With a properly embedded Python, you can avoid all of these for your app (especially if you include enough native implementation for the critical part of the fastest path). But if you’re relying on users installing your app into their own runtime, there’s really no option but to launch a couple of executables.

pf_moore · January 3, 2025, 11:28am

The “wrapper” is a precompiled binary shipped with distlib. The source code is here. When an entry point executable is created, it is made up of the wrapper, then a shebang line, then a zipfile containing Python code as a __main__.py file. The wrapper searches its own executable for the shebang, and launches the Python interpreter in the shebang with the executable as its argument. Python can run zipfiles, and zipfiles can have arbitrary data prepended, so the end result is that Python runs the code in the zipfile. That code imports the entry point function defined by the metadata, and runs it.

Yes, it’s the absolute path. That means that by design, entry point executables can be copied without moving the venv that contains the application code. And yes, that’s what pipx does to put the executables in ~/.local/bin. (On my PC, it actually uses symlinks rather than copies, but the effect is the same).

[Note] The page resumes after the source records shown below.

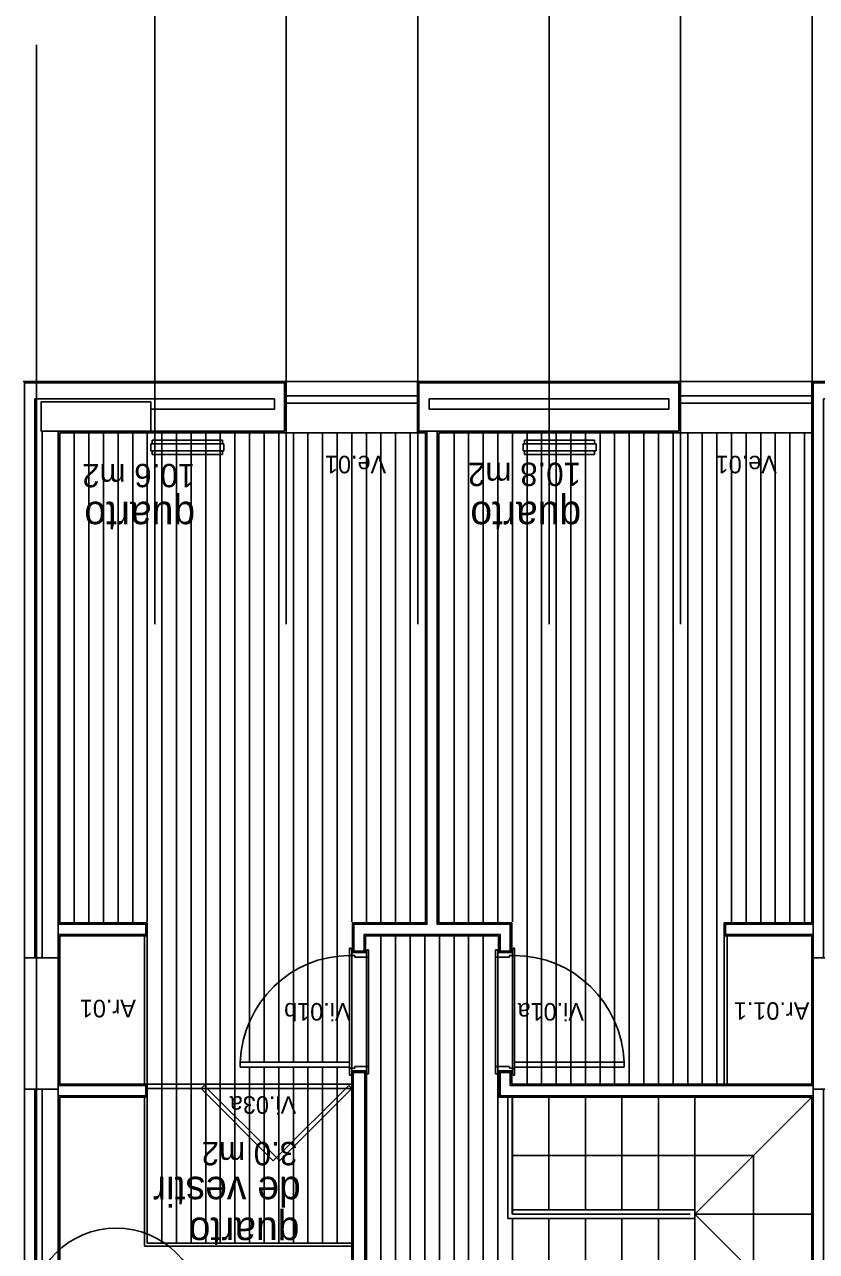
# Model space of a CAD drawing. Extents: x 1278 to 1356, y -253.7 to -224.
# Drawn here: x 1329.2 to 1334.62, y -237.88 to -229.48 of the extents above; entities that cross this region are included whole.
import ezdxf

# ---------------------------------------------------------------- set-up
doc = ezdxf.new("R2010")
doc.units = 0
for name, color, linetype in [('Level 1', 7, 'Continuous'), ('Level 10', 7, 'Continuous'), ('Level 13', 7, 'Continuous'), ('Level 2', 7, 'Continuous'), ('Level 4', 7, 'Continuous'), ('Level 40', 7, 'Continuous'), ('Level 60', 7, 'Continuous'), ('Level 65', 7, 'Continuous'), ('Level 66', 7, 'Continuous'), ('Level 67', 7, 'Continuous'), ('Level 69', 7, 'Continuous'), ('Level 70', 7, 'Continuous'), ('Level 93', 7, 'Continuous')]:
    doc.layers.add(name, color=color, linetype=linetype)

msp = doc.modelspace()

# ---------------------------------------------------------------- linework, layer by layer
at = {"layer": 'Level 1'}
for p, q in [((1330.9825, -231.934), (1330.9825, -232.2657)), ((1329.2718, -232.044), (1329.2718, -235.8713)), ((1330.9125, -232.1143), (1330.0668, -232.1143)), ((1330.9125, -232.044), (1330.9125, -232.1143)), ((1329.4325, -246.584), (1329.4325, -232.2657)), ((1330.9825, -232.2657), (1329.4325, -232.2657)), ((1331.9575, -232.2657), (1331.9575, -235.6407)), ((1332.0275, -235.6407), (1332.0275, -232.2657)), ((1330.0325, -235.6407), (1329.4325, -235.6407)), ((1330.0325, -235.7107), (1330.0325, -235.6407)), ((1331.9575, -235.6407), (1331.4575, -235.6407)), ((1331.4575, -235.6407), (1331.4575, -235.8257)), ((1332.5275, -235.6407), (1332.0275, -235.6407)), ((1332.5275, -235.8257), (1332.5275, -235.6407)), ((1334.6025, -235.6407), (1334.0025, -235.6407)), ((1334.0025, -235.6407), (1334.0025, -235.7107)), ((1329.4325, -235.7107), (1330.0325, -235.7107)), ((1331.5275, -235.7107), (1332.4575, -235.7107)), ((1331.5275, -235.8257), (1331.5275, -235.7107)), ((1332.4575, -235.7107), (1332.4575, -235.8257)), ((1334.0025, -235.7107), (1334.6025, -235.7107)), ((1331.4475, -235.8257), (1331.5375, -235.8257)), ((1332.5375, -235.8257), (1332.4475, -235.8257)), ((1331.4425, -236.6557), (1331.5425, -236.6557)), ((1331.4525, -236.6557), (1331.4525, -238.4357)), ((1331.5325, -238.4357), (1331.5325, -236.6557)), ((1332.5375, -236.6557), (1332.4475, -236.6557)), ((1332.4575, -236.6557), (1332.4575, -236.8157)), ((1332.5275, -236.6557), (1332.5275, -236.7457)), ((1329.2718, -236.7713), (1329.2718, -242.1713)), ((1329.3225, -242.1713), (1329.3225, -236.7713)), ((1330.0325, -236.7457), (1329.4325, -236.7457)), ((1329.4325, -236.8157), (1330.0325, -236.8157)), ((1330.0325, -236.8157), (1330.0325, -236.7457)), ((1332.4575, -236.8157), (1334.6025, -236.8157)), ((1332.5275, -236.7457), (1334.6025, -236.7457))]:
    msp.add_line(p, q, dxfattribs=at)
at = {"layer": 'Level 10'}
for p, q in [((1329.5425, -232.2757), (1329.5425, -235.6307)), ((1329.6425, -232.2757), (1329.6425, -235.6307)), ((1329.7425, -232.2757), (1329.7425, -235.6307)), ((1329.8425, -232.2757), (1329.8425, -235.6307)), ((1329.9425, -232.2757), (1329.9425, -235.6307)), ((1330.0425, -232.2757), (1330.0425, -235.6257)), ((1330.1425, -232.2757), (1330.1425, -237.8257)), ((1330.2425, -232.2757), (1330.2425, -237.8257)), ((1330.3425, -232.2757), (1330.3425, -237.8257)), ((1330.4425, -232.2757), (1330.4425, -237.8257)), ((1330.5425, -232.2757), (1330.5425, -237.8257)), ((1330.6425, -232.2757), (1330.6425, -237.8257)), ((1330.7425, -232.2757), (1330.7425, -236.5857)), ((1330.8425, -232.2757), (1330.8425, -236.5857)), ((1330.9425, -232.2757), (1330.9425, -236.5857)), ((1331.0425, -232.2757), (1331.0425, -236.5857)), ((1331.1425, -232.2757), (1331.1425, -236.5857)), ((1331.2425, -232.2757), (1331.2425, -236.5857)), ((1331.3425, -232.2757), (1331.3425, -236.5857)), ((1331.4425, -232.2757), (1331.4425, -235.6257)), ((1331.5425, -232.2757), (1331.5425, -235.6257)), ((1331.6425, -232.2757), (1331.6425, -235.6257)), ((1331.7425, -232.2757), (1331.7425, -235.6257)), ((1331.8425, -232.2757), (1331.8425, -235.6257)), ((1332.1425, -235.6257), (1332.1425, -232.2757)), ((1332.2425, -235.6257), (1332.2425, -232.2757)), ((1332.3425, -235.6257), (1332.3425, -232.2757)), ((1332.4425, -235.6257), (1332.4425, -232.2757)), ((1332.5425, -235.6257), (1332.5425, -232.2757)), ((1332.6425, -232.2757), (1332.6425, -236.7357)), ((1332.7425, -232.2757), (1332.7425, -236.7357)), ((1332.8425, -232.2757), (1332.8425, -236.7357)), ((1332.9425, -232.2757), (1332.9425, -236.7357)), ((1333.0425, -232.2757), (1333.0425, -236.7357)), ((1333.1425, -232.2757), (1333.1425, -236.7357)), ((1333.2425, -232.2757), (1333.2425, -236.7357)), ((1333.3425, -232.2757), (1333.3425, -236.7357)), ((1333.4425, -232.2757), (1333.4425, -236.7357)), ((1333.5425, -232.2757), (1333.5425, -236.7357)), ((1333.6425, -232.2757), (1333.6425, -236.7357)), ((1333.7425, -232.2757), (1333.7425, -236.7357)), ((1333.8425, -232.2757), (1333.8425, -236.7357)), ((1333.9425, -232.2757), (1333.9425, -236.7357)), ((1334.0425, -232.2757), (1334.0425, -235.6257)), ((1334.1425, -232.2757), (1334.1425, -235.6257)), ((1334.2425, -232.2757), (1334.2425, -235.6257)), ((1334.3425, -232.2757), (1334.3425, -235.6257)), ((1334.4425, -232.2757), (1334.4425, -235.6257)), ((1334.5425, -232.2757), (1334.5425, -235.6257)), ((1331.6425, -235.7207), (1331.6425, -238.4107)), ((1331.7425, -235.7207), (1331.7425, -238.4257)), ((1331.8425, -235.7207), (1331.8425, -238.4257)), ((1331.9425, -235.7207), (1331.9425, -238.4257)), ((1332.0425, -235.7207), (1332.0425, -238.4257)), ((1332.1425, -235.7207), (1332.1425, -238.4257)), ((1332.2425, -235.7207), (1332.2425, -238.4257)), ((1332.3425, -235.7207), (1332.3425, -238.4107)), ((1331.4425, -235.8557), (1331.4425, -236.6257)), ((1331.5425, -235.8657), (1331.5425, -236.6157)), ((1332.4425, -235.8657), (1332.4425, -236.6157)), ((1332.5425, -235.8557), (1332.5425, -236.6257)), ((1330.7425, -236.6207), (1330.7425, -237.8257)), ((1330.8425, -236.6207), (1330.8425, -237.8257)), ((1330.9425, -236.6207), (1330.9425, -237.8257)), ((1331.0425, -236.6207), (1331.0425, -237.8257)), ((1331.1425, -236.6207), (1331.1425, -237.8257)), ((1331.2425, -236.6207), (1331.2425, -237.8257)), ((1331.3425, -236.6207), (1331.3425, -237.8257)), ((1332.4425, -236.6557), (1332.4425, -238.4257))]:
    msp.add_line(p, q, dxfattribs=at)
at = {"layer": 'Level 13'}
for p, q in [((1330.0225, -236.7357), (1330.0225, -235.7207)), ((1330.0425, -236.7357), (1330.0425, -235.7207)), ((1333.9925, -236.7357), (1333.9925, -235.7207)), ((1334.0125, -236.7357), (1334.0125, -235.7207)), ((1331.4275, -235.8057), (1331.4275, -235.8557)), ((1331.4375, -235.8057), (1331.4275, -235.8057)), ((1331.4375, -235.8107), (1331.4375, -235.8057)), ((1331.4425, -235.8107), (1331.4375, -235.8107)), ((1331.4425, -235.8557), (1331.4425, -235.8107)), ((1331.5425, -235.8657), (1331.5425, -235.8207)), ((1331.5425, -235.8207), (1331.5475, -235.8207)), ((1331.5475, -235.8207), (1331.5475, -235.8157)), ((1331.5475, -235.8157), (1331.5575, -235.8157)), ((1331.5575, -235.8157), (1331.5575, -235.8657)), ((1332.4275, -235.8157), (1332.4275, -235.8657)), ((1332.4375, -235.8157), (1332.4275, -235.8157)), ((1332.4375, -235.8207), (1332.4375, -235.8157)), ((1332.4425, -235.8207), (1332.4375, -235.8207)), ((1332.4425, -235.8657), (1332.4425, -235.8207)), ((1332.5425, -235.8557), (1332.5425, -235.8107)), ((1332.5425, -235.8107), (1332.5475, -235.8107)), ((1332.5475, -235.8107), (1332.5475, -235.8057)), ((1332.5475, -235.8057), (1332.5575, -235.8057)), ((1332.5575, -235.8057), (1332.5575, -235.8557)), ((1331.4275, -235.8557), (1331.4425, -235.8557)), ((1331.4425, -235.8357), (1331.5425, -235.8357)), ((1331.4425, -235.8557), (1331.4425, -235.8357)), ((1331.4625, -235.8557), (1331.4425, -235.8557)), ((1331.4625, -235.8657), (1331.4625, -235.8557)), ((1331.5425, -235.8657), (1331.4625, -235.8657)), ((1331.5425, -235.8357), (1331.5425, -235.8657)), ((1331.5575, -235.8657), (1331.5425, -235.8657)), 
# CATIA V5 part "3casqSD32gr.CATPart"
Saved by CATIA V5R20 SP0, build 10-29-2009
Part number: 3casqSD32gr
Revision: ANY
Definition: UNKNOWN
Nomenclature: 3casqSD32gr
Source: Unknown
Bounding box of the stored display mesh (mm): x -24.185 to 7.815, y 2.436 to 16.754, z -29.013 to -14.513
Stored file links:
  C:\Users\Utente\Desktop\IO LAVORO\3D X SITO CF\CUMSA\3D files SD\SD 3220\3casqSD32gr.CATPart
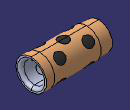
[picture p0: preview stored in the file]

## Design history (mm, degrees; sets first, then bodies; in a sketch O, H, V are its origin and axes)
Body1 "grafito-4-solid2" (main body)
  Solid1: solid without history
Body2 "grafito-2-solid1"
  Solid2: solid without history
Body3 "grafito-2-solid2"
  Solid3: solid without history
Body4 "grafito-5-solid1"
  Solid4: solid without history
Body5 "grafito-5-solid2"
  Solid5: solid without history
Body6 "grafito-3-solid1"
  Solid6: solid without history
Body7 "grafito-3-solid2"
  Solid7: solid without history
Body8 "grafito-1-solid1"
  Solid8: solid without history
Body9 "grafito-4-solid1"
  Solid9: solid without history
Body10 "grafito-1-solid2"
  Solid10: solid without history
Body11 "3CASQSD3220GRF-1-solid1"
  Solid11: solid without history
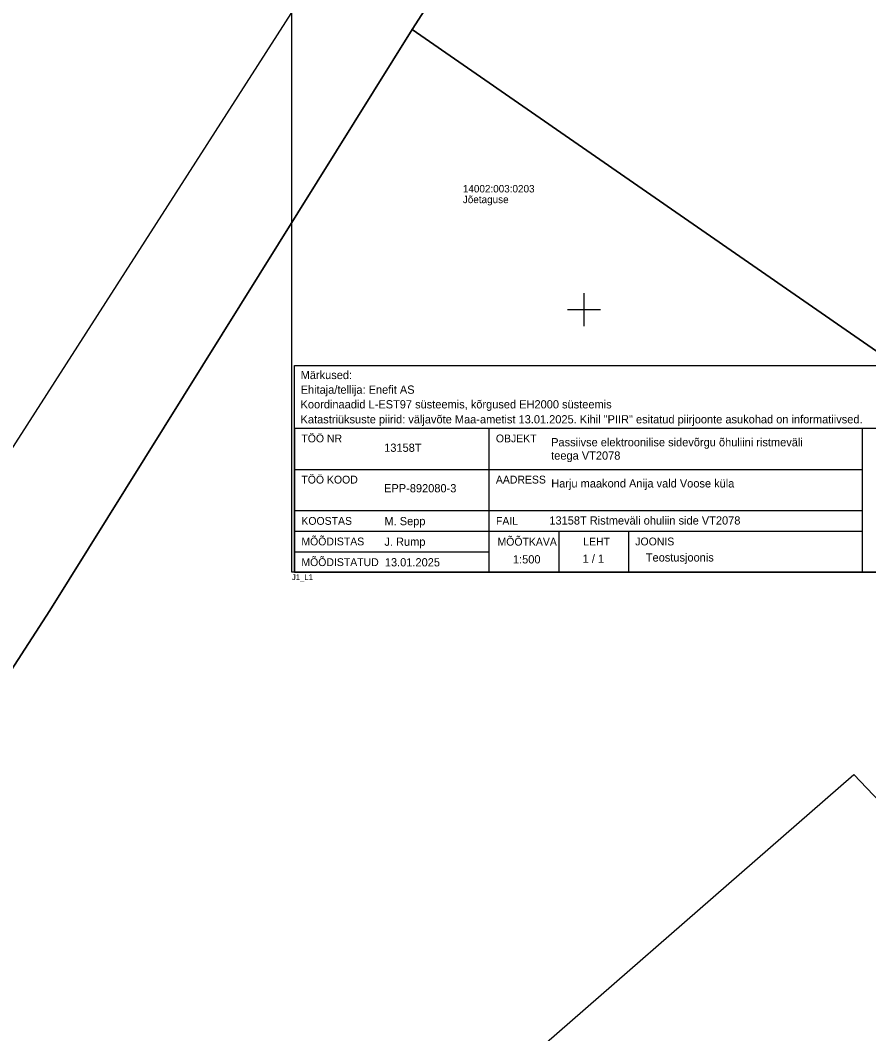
# Model space of a CAD drawing. Extents: x 579747 to 582499, y 6562295 to 6565613.
# Drawn here: x 581981.6 to 582084.6, y 6564512.1 to 6564635.1 of the extents above; entities that cross this region are included whole.
import ezdxf

# ---------------------------------------------------------------- set-up
doc = ezdxf.new("R2010")
doc.units = 0
for name, color, linetype in [('PIIR', 7, 'Continuous'), ('VORK', 7, 'Continuous'), ('VORMISTUS', 7, 'Continuous')]:
    doc.layers.add(name, color=color, linetype=linetype)

msp = doc.modelspace()

# ---------------------------------------------------------------- linework, layer by layer
at = {"layer": 'PIIR'}
for points in [[(582135.55, 6564808.67), (582068.96, 6564721.02), (582017.54, 6564640.84), (581956.73, 6564546.01), (581888.98, 6564444.16), (581819.5, 6564352.29), (581772.04, 6564298.67), (581650.74, 6564171.18), (581565.74, 6564073.89), (581521.68, 6564027.95), (581462.2, 6563979.51), (581405.77, 6563949.46), (581387.54, 6563937.32), (581346.36, 6563914.86)], [(581384.59, 6563917.2), (581404.32, 6563931.05), (581456.61, 6563960.43), (581471.37, 6563968.93), (581531.08, 6564017.57), (581575.85, 6564064.19), (581579.4, 6564062.41), (581615.32, 6564103.23), (581653.52, 6564150.59), (581684.72, 6564185.3), (581762.65, 6564266.98), (581831.7, 6564341.91), (581902.22, 6564435.18), (581985.17, 6564563.48), (582029.16, 6564634.01), (582078.75, 6564711.15), (582146.74, 6564800.25)], [(582014.75, 6564335.19), (582035.66, 6564380.18), (582103.73, 6564436.23), (582089.97, 6564448.66), (582033.11, 6564500.24), (582082.76, 6564543.57), (582125.31, 6564498.78), (582136.01, 6564487.52), (582199.06, 6564516.3), (582192.43, 6564520.86), (582029.16, 6564634.01), (581985.17, 6564563.48), (581902.22, 6564435.18), (581831.7, 6564341.91)]]:
    msp.add_lwpolyline(points, dxfattribs=at)
msp.add_lwpolyline([(582078.75, 6564711.15), (582029.16, 6564634.01), (582192.43, 6564520.86), (582199.06, 6564516.3), (582287.58, 6564527.55), (582301.82, 6564540.75), (582292.62, 6564547.98)], close=True, dxfattribs=at)
at = {"layer": 'VORK'}
for p, q in [((582050, 6564602), (582050, 6564598)), ((582048, 6564600), (582052, 6564600))]:
    msp.add_line(p, q, dxfattribs=at)
at = {"layer": 'VORMISTUS'}
for p, q in [((582014.86, 6564585.61), (582107.05, 6564585.61)), ((582014.86, 6564585.61), (582014.86, 6564568.11)), ((582038.48, 6564568.11), (582038.48, 6564585.61)), ((582083.82, 6564568.11), (582083.82, 6564585.61)), ((582014.86, 6564580.6), (582083.82, 6564580.6)), ((582014.86, 6564575.6), (582083.82, 6564575.6)), ((582014.86, 6564573.09), (582083.82, 6564573.09)), ((582046.93, 6564573.1), (582046.93, 6564568.11)), ((582055.39, 6564573.1), (582055.39, 6564568.11)), ((582014.86, 6564570.59), (582038.48, 6564570.59)), ((582014.87, 6564568.11), (582107.05, 6564568.11))]:
    msp.add_line(p, q, dxfattribs=at)
for points in [[(582014.55, 6564568.11), (582014.55, 6564711.11), (582107.05, 6564711.11), (582107.05, 6564568.11)], [(582107.05, 6564568.11), (582014.86, 6564568.11), (582014.86, 6564593.2), (582107.05, 6564593.2)]]:
    msp.add_lwpolyline(points, close=True, dxfattribs=at)
msp.add_lwpolyline([(582014.86, 6564568.11), (582107.05, 6564568.11)], dxfattribs=at)

# ---------------------------------------------------------------- texts
at = {"layer": 'PIIR'}
for s, p in [('14002:003:0203', (582035.3, 6564614.22)), ('Jõetaguse', (582035.3, 6564612.92))]:
    msp.add_text(s, height=0.9, dxfattribs=at).set_placement(p)
at = {"layer": 'VORMISTUS'}
for s, height, p in [('Märkused:', 1, (582015.61, 6564591.56)), ('Ehitaja/tellija: Enefit AS', 1, (582015.61, 6564589.78)), ('Koordinaadid L-EST97 süsteemis, kõrgused EH2000 süsteemis', 1, (582015.6, 6564588)), ('Katastriüksuste piirid: väljavõte Maa-ametist 13.01.2025. Kihil "PIIR" esitatud piirjoonte asukohad on informatiivsed.', 1, (582015.6, 6564586.18)), ('TÖÖ NR', 0.95, (582015.7, 6564583.88)), ('13158T', 1, (582025.75, 6564582.73)), ('OBJEKT', 0.95, (582039.31, 6564583.88)), ('Passiivse elektroonilise sidevõrgu õhuliini ristmeväli', 1, (582046.02, 6564583.4)), ('teega VT2078', 1, (582046.02, 6564581.78)), ('TÖÖ KOOD', 0.95, (582015.7, 6564578.88)), ('EPP-892080-3', 1, (582025.74, 6564577.81)), ('AADRESS', 0.95, (582039.31, 6564578.88)), ('Harju maakond Anija vald Voose küla', 1, (582046.03, 6564578.4)), ('KOOSTAS', 0.95, (582015.7, 6564573.87)), ('M. Sepp', 1, (582025.78, 6564573.82)), ('FAIL', 0.95, (582039.32, 6564573.87)), ('13158T Ristmeväli ohuliin side VT2078', 1, (582045.8, 6564573.9)), ('MÕÕDISTAS', 0.95, (582015.7, 6564571.37)), ('J. Rump', 1, (582025.78, 6564571.32)), ('MÕÕTKAVA', 0.95, (582039.51, 6564571.34)), ('LEHT', 0.95, (582049.91, 6564571.36)), ('JOONIS', 0.95, (582056.23, 6564571.37)), ('1 / 1', 1, (582049.84, 6564569.26)), ('Teostusjoonis', 1, (582057.51, 6564569.41)), ('MÕÕDISTATUD', 0.95, (582015.7, 6564568.86)), ('13.01.2025', 1, (582025.83, 6564568.82)), ('1:500', 1, (582041.38, 6564569.18)), ('J1_L1', 0.7, (582014.55, 6564567.16))]:
    msp.add_text(s, height=height, dxfattribs=at).set_placement(p)

doc.saveas('drawing.dxf')

Sort of, yes. You can search for the shebang and read it, but it’s not at the start and the file is binary, so it’s a bit fiddly. The following should work, but it could do with some tidying up:

import sys

with open(sys.argv[1], "rb") as f:
    data = f.read()

_, sep, shebang = data.rpartition(b'#!')
path, sep, _ = shebang.partition(b'\n')

print(path.decode("utf-8"))

The venv redirector (as you say, it’s not the same as a wrapper) is very similar in how it works, but does a different job. The details aren’t documented (and so subject to change) but basically it launches the “base” Python interpreter in a way that tells it it’s a venv.

Starting multiple processes could be a performance issue - it’s certainly not without cost. But I’m not aware of any other way of launching a Python script that doesn’t have worse downsides (i.e., they don’t work everywhere that an exe does).

I don’t think anyone has done any work on ensuring the entry point wrapper has minimal overhead (although it’s pretty trivial, so there’s probably not much performance to be gained). It’s generally not been seen as a problem in practice.

pf_moore · January 3, 2025, 11:34am

(Steve beat me to a better response on performance, but I’ll add to this particular comment)

For an application, this is indeed the best way to get high performance and a seamless experience. However, it’s not something that the packaging ecosystem supports directly, as packaging tools are focused on building and installing libraries, not applications.

pf_moore · January 3, 2025, 12:09pm

On reflection, I guess your exewrapper.c code is intended as that sort of “direct execution” approach, but rather than embed your own copy of Python, you hunt out the Python DLL for the environment Python is installed in. That’s another approach, but in some ways it’s the worst of both worlds. You don’t get the tool support that entry point scripts give you, but you still have to deal with the fragility of relying on a Python environment that’s not in your control.

paugier · January 3, 2025, 1:48pm

There is a trend towards tools to install Python applications from wheels (pipx, UV tools, Pixi global, …). On Linux, the UX starts to be very good. I was hoping that it could be the same on Windows, which would simplify things for maintainers.

Even on Windows, it starts to be a nice alternative which “works” as expected. The only issue so far is startup delay related to a security software checking the applications at each call (which does not seem to be reasonable).

I also observe this startup delay with python.exe in virtual environment which is quite bad. (but the python venv is created from a conda installed Python so I need to check if it is different with a vanilla Python installed from the Microsoft Store).

It would be great to find a nice solution to this delay issue.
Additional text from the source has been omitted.